▶ THE INPUT:
******************************

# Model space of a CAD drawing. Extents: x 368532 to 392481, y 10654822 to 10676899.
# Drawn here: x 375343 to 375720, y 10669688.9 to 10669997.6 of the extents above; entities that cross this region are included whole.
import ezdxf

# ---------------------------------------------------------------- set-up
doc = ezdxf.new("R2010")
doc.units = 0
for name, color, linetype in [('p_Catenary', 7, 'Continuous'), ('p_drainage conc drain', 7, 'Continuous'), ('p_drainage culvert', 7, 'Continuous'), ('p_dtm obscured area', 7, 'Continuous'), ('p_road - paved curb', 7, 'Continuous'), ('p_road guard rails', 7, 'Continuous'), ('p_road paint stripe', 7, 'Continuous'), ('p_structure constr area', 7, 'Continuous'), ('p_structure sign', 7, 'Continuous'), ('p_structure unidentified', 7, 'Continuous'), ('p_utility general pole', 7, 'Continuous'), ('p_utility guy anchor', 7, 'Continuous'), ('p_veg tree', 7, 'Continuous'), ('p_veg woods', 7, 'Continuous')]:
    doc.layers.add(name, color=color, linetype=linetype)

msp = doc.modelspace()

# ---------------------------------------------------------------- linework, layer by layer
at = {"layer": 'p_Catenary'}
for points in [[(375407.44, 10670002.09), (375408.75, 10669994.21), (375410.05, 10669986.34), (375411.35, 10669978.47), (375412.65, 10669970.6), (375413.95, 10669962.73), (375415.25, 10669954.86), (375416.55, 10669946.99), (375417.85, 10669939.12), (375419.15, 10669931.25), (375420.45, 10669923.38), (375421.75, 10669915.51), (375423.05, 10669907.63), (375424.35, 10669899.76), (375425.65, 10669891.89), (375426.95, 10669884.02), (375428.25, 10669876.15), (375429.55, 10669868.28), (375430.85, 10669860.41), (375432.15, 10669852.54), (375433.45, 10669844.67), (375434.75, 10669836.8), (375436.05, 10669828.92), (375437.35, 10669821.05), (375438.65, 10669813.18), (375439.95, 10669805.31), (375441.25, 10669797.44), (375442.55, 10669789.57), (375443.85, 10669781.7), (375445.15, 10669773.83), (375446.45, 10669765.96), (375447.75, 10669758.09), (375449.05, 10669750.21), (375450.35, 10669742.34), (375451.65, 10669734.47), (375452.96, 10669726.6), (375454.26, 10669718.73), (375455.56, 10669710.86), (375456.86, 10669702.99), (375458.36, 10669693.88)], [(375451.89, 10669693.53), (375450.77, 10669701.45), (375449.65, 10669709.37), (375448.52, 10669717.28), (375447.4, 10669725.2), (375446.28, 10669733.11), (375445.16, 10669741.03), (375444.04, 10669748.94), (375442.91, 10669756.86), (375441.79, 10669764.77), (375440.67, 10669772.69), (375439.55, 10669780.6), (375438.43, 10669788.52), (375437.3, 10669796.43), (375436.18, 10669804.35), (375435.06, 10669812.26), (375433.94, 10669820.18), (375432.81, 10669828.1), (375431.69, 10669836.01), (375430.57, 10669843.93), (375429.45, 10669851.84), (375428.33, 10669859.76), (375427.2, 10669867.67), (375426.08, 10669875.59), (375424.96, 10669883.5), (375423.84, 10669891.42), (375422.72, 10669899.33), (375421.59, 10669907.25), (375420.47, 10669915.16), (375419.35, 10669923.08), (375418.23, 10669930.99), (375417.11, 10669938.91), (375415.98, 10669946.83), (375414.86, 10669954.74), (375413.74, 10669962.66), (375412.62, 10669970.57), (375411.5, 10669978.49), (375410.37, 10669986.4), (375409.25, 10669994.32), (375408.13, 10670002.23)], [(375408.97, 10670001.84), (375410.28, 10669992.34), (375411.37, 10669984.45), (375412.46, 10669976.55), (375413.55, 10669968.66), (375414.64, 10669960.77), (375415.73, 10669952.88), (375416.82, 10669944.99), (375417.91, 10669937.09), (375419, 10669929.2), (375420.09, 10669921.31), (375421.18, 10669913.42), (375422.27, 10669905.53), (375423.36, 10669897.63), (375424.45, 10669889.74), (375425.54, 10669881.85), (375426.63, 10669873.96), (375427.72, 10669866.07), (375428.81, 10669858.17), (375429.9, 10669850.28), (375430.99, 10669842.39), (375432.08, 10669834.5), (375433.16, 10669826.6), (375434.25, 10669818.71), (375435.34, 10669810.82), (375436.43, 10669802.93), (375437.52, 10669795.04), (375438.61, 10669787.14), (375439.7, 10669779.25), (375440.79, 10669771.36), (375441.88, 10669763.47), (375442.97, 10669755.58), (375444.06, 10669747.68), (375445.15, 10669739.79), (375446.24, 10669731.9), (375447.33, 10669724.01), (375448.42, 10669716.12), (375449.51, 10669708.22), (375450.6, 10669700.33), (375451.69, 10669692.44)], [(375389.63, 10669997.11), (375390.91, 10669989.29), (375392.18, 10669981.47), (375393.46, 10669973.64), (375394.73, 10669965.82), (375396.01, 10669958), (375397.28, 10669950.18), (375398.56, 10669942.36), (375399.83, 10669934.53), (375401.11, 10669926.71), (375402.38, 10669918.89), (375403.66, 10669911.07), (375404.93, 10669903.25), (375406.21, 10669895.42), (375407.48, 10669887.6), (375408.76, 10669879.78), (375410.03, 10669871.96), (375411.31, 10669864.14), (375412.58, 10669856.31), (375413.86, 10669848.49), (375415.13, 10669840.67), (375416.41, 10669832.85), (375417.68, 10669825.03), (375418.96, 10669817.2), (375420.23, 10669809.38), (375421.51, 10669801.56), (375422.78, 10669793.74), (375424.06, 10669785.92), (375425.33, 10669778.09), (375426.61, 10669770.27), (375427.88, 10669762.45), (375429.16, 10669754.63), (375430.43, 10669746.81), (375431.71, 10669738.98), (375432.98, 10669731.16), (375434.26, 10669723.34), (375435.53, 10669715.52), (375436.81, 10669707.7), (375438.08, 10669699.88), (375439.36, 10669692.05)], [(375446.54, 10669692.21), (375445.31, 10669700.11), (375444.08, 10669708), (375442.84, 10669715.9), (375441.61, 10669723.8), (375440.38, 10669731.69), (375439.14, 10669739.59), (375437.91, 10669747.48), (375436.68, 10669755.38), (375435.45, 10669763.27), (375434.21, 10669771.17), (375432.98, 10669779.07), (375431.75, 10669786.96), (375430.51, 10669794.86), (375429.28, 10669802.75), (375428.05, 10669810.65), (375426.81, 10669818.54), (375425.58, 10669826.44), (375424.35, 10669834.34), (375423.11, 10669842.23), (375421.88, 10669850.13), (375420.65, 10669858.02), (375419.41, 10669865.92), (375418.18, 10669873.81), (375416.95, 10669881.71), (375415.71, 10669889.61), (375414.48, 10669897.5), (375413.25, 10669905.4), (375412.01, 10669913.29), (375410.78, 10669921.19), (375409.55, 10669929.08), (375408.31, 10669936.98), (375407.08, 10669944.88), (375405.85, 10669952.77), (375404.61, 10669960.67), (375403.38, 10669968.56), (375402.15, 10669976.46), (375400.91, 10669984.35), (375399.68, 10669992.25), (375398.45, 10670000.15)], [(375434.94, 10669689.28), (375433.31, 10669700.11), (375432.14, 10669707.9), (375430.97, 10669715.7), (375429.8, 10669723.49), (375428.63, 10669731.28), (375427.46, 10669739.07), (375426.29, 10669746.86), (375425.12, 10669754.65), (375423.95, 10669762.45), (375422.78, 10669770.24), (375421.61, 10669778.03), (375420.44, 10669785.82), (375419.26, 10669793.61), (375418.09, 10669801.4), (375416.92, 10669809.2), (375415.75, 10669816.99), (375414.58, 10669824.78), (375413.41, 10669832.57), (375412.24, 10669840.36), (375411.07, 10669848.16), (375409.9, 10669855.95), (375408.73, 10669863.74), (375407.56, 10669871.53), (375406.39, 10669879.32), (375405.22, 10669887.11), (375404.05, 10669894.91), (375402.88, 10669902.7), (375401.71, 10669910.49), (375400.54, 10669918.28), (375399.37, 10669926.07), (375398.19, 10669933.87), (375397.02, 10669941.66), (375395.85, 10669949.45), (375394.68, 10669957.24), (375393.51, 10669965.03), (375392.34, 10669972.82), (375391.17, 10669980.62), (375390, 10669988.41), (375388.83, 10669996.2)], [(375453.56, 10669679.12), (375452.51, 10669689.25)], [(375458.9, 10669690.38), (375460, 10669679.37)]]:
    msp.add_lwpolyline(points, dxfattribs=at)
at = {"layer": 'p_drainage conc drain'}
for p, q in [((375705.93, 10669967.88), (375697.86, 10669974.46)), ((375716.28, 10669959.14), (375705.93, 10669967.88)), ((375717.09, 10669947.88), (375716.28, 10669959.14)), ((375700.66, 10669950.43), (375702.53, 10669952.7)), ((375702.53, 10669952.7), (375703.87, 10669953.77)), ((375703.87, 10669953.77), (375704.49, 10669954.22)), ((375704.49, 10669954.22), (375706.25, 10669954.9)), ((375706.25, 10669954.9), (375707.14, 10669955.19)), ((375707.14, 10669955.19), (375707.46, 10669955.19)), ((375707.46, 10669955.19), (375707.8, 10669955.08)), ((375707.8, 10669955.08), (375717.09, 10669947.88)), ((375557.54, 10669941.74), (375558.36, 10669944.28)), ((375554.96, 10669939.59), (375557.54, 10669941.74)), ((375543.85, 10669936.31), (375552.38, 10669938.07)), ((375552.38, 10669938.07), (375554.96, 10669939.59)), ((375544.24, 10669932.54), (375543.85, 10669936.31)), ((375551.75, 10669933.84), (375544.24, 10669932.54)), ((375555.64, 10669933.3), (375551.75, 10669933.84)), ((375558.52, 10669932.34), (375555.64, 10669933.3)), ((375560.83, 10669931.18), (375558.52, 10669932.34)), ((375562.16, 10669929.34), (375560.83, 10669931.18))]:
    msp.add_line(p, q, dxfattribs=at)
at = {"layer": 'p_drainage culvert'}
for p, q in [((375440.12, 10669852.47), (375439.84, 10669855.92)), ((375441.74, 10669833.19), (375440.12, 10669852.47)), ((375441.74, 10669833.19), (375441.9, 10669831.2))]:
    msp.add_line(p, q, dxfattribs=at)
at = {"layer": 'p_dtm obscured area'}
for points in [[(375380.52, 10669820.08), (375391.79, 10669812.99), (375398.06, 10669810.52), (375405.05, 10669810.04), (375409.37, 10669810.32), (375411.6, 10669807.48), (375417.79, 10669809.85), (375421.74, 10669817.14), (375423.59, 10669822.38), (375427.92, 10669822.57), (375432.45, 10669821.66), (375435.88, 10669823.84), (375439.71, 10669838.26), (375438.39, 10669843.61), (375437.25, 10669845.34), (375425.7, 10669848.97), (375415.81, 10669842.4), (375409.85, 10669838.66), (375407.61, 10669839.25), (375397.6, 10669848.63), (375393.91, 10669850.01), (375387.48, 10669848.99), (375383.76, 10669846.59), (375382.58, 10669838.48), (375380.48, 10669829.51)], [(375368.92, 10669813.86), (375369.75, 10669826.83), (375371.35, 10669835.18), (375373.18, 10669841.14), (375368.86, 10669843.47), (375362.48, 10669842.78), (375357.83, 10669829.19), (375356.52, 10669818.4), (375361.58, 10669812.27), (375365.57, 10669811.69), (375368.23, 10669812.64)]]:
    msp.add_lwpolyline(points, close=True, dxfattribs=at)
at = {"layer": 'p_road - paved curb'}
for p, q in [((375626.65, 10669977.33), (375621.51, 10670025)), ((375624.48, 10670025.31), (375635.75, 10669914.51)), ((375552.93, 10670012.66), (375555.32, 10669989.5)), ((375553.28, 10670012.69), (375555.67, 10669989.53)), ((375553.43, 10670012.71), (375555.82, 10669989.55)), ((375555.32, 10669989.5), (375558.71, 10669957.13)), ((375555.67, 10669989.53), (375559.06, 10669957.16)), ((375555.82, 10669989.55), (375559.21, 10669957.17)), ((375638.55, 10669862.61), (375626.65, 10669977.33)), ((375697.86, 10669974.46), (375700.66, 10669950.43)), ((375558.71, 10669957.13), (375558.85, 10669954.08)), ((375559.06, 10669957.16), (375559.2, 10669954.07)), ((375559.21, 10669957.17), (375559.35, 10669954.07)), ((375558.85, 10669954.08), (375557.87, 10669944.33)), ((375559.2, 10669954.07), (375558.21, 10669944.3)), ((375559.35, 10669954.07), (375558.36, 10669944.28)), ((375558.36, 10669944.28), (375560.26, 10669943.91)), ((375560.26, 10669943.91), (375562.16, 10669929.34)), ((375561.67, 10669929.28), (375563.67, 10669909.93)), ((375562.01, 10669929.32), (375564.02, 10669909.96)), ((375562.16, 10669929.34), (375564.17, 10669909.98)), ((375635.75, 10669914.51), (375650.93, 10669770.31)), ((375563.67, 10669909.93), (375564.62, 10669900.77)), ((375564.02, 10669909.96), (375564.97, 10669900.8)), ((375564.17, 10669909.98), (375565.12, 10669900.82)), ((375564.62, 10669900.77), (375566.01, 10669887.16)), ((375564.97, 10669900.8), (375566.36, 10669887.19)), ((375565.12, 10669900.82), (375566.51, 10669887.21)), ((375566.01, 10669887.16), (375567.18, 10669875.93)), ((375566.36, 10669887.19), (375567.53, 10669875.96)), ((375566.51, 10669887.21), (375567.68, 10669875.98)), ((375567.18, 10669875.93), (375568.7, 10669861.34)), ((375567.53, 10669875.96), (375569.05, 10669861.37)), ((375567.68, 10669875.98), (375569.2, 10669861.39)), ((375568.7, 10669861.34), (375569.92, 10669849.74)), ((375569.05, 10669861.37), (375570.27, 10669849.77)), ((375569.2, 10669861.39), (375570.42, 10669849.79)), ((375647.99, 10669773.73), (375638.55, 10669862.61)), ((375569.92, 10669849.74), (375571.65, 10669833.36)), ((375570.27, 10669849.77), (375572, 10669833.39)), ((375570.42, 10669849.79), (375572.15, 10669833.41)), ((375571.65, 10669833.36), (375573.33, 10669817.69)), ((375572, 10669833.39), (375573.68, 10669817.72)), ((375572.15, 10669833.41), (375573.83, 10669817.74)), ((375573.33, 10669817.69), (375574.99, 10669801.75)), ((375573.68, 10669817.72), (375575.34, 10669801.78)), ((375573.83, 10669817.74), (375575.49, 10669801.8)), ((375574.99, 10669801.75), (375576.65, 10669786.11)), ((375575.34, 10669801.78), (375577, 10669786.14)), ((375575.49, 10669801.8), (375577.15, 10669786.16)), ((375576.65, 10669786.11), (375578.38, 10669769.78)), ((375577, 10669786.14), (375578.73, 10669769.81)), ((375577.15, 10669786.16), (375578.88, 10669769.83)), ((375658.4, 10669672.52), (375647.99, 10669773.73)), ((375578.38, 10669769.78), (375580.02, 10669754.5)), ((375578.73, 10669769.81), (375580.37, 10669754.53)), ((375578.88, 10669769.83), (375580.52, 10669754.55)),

******************************

▶ WORK INSTRUCTIONS: Whenever a line above includes the string "dxfattribs", copy it.

▶ ANSWER TO THE EXERCISE:
    msp.add_lwpolyline(points, dxfattribs=at)
    msp.add_line(p, q, dxfattribs=at)
    msp.add_line(p, q, dxfattribs=at)
    msp.add_lwpolyline(points, close=True, dxfattribs=at)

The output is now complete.